Task brief ▸ Copy the lines below, beginning with the one that contains "#27177=CARTESIAN_POINT('',(46.,83.,100.));" and continuing through the final line, exactly as written and with no other lines.

Dataset content ▸
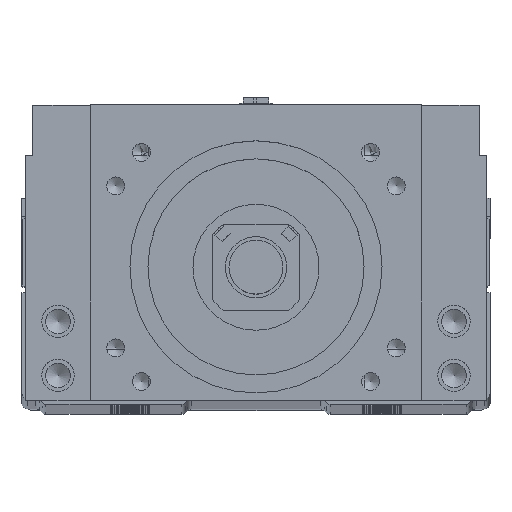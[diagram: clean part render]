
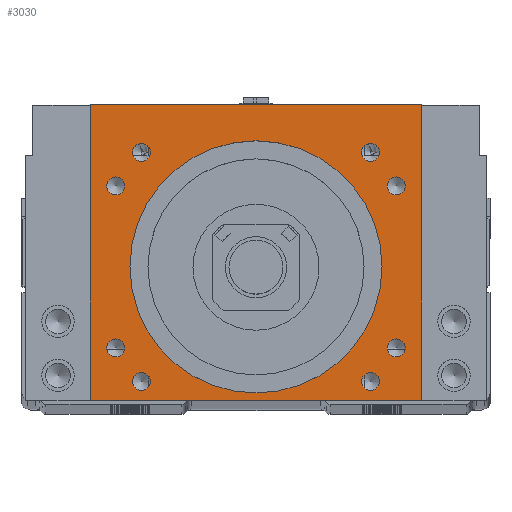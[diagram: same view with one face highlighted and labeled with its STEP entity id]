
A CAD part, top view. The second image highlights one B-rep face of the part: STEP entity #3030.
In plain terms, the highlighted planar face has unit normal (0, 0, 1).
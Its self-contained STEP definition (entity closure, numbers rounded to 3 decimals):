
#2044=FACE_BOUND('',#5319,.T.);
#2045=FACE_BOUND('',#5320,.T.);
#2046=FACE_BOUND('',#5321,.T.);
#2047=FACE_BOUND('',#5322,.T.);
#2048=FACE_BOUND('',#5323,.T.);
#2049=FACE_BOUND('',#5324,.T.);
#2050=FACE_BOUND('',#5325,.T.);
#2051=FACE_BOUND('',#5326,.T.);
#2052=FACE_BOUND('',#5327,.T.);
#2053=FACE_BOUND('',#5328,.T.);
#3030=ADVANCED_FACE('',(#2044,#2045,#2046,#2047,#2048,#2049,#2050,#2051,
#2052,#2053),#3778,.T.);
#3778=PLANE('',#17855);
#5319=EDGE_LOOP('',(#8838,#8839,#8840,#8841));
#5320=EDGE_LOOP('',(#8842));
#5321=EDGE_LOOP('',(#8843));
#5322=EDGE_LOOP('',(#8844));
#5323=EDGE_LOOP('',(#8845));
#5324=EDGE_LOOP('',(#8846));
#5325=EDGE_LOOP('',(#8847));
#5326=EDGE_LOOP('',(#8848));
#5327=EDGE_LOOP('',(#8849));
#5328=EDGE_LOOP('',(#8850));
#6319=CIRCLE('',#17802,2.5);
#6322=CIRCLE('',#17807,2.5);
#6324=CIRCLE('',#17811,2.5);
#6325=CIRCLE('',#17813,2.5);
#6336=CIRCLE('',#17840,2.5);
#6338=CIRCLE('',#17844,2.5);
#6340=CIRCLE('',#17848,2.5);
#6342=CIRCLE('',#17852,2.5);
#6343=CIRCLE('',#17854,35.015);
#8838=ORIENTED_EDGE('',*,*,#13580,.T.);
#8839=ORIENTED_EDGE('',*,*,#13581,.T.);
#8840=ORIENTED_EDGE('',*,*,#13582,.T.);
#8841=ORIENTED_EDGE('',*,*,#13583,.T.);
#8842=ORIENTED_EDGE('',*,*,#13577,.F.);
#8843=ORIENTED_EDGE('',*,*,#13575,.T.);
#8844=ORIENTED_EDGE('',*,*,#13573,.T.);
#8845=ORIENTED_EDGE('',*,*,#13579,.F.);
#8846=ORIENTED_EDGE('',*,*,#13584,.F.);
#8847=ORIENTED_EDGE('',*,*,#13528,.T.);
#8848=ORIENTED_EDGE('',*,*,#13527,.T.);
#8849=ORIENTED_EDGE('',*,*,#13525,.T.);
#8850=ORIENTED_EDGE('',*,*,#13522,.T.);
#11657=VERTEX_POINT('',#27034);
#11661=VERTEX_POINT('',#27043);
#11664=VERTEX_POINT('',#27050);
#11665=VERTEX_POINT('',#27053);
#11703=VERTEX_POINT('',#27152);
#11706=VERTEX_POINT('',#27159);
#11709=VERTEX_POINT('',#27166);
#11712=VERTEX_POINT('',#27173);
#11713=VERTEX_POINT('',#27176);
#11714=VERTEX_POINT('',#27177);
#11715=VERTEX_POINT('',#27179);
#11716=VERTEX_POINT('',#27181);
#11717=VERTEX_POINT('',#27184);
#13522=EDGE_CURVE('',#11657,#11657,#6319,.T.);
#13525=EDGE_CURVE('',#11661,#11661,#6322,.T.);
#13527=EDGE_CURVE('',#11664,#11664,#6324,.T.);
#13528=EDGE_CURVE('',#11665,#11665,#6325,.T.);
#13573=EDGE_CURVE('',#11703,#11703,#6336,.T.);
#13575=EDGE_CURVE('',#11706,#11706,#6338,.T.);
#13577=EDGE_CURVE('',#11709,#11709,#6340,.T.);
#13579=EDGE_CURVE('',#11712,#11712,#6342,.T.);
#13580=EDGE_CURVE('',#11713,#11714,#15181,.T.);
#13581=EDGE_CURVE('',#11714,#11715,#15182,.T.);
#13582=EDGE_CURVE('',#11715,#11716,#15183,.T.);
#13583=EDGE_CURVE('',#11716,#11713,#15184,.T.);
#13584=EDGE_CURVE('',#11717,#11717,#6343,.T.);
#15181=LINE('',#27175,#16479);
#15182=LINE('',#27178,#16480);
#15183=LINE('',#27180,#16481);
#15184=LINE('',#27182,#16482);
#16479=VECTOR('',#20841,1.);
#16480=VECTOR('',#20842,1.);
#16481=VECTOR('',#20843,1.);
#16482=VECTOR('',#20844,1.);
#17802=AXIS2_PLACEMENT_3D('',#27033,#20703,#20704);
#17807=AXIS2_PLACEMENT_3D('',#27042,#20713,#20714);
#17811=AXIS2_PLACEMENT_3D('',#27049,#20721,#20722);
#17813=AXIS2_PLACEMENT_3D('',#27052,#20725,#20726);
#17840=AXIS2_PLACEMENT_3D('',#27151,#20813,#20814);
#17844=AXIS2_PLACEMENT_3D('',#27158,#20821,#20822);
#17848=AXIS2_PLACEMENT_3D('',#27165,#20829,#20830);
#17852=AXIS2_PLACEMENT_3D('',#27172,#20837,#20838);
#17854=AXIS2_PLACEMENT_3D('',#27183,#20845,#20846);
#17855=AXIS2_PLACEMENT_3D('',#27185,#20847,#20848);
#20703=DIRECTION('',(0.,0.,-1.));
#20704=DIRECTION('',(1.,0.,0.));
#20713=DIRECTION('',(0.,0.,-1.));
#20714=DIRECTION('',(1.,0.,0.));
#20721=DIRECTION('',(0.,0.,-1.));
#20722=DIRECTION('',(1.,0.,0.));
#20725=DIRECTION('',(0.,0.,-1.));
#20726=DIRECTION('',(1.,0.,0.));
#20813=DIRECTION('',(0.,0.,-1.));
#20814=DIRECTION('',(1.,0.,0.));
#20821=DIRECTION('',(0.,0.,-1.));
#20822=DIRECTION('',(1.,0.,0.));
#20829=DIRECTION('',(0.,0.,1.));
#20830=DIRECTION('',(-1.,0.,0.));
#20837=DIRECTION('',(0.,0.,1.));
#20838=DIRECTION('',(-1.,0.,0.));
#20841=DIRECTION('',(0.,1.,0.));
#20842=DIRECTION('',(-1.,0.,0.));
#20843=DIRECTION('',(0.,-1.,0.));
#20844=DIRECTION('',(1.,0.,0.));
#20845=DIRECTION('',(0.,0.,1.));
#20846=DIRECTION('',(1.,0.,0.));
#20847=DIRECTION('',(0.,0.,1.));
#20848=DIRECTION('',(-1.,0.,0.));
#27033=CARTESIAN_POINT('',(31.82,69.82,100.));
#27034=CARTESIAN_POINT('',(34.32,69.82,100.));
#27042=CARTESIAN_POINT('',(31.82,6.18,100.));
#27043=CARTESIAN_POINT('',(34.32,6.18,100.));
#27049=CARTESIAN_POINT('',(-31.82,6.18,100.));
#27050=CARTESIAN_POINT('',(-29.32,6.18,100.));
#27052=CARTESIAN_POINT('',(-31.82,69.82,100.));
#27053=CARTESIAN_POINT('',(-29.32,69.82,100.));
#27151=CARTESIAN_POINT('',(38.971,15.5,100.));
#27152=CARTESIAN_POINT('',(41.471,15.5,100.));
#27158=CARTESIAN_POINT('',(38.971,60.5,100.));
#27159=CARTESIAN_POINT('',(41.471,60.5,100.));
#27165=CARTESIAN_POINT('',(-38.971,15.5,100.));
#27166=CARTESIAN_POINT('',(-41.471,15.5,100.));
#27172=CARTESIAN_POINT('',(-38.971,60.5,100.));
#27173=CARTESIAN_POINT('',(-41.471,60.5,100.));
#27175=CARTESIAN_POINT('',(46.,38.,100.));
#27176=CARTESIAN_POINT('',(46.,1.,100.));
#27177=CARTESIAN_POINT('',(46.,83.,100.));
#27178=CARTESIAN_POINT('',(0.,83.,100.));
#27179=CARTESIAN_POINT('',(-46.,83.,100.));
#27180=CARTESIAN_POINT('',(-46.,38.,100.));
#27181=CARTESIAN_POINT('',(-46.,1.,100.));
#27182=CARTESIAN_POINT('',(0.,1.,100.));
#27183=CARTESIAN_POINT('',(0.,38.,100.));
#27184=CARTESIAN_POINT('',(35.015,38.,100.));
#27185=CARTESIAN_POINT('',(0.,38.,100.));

Answer box ▸
#27177=CARTESIAN_POINT('',(46.,83.,100.));
#27178=CARTESIAN_POINT('',(0.,83.,100.));
#27179=CARTESIAN_POINT('',(-46.,83.,100.));
#27180=CARTESIAN_POINT('',(-46.,38.,100.));
#27181=CARTESIAN_POINT('',(-46.,1.,100.));
#27182=CARTESIAN_POINT('',(0.,1.,100.));
#27183=CARTESIAN_POINT('',(0.,38.,100.));
#27184=CARTESIAN_POINT('',(35.015,38.,100.));
#27185=CARTESIAN_POINT('',(0.,38.,100.));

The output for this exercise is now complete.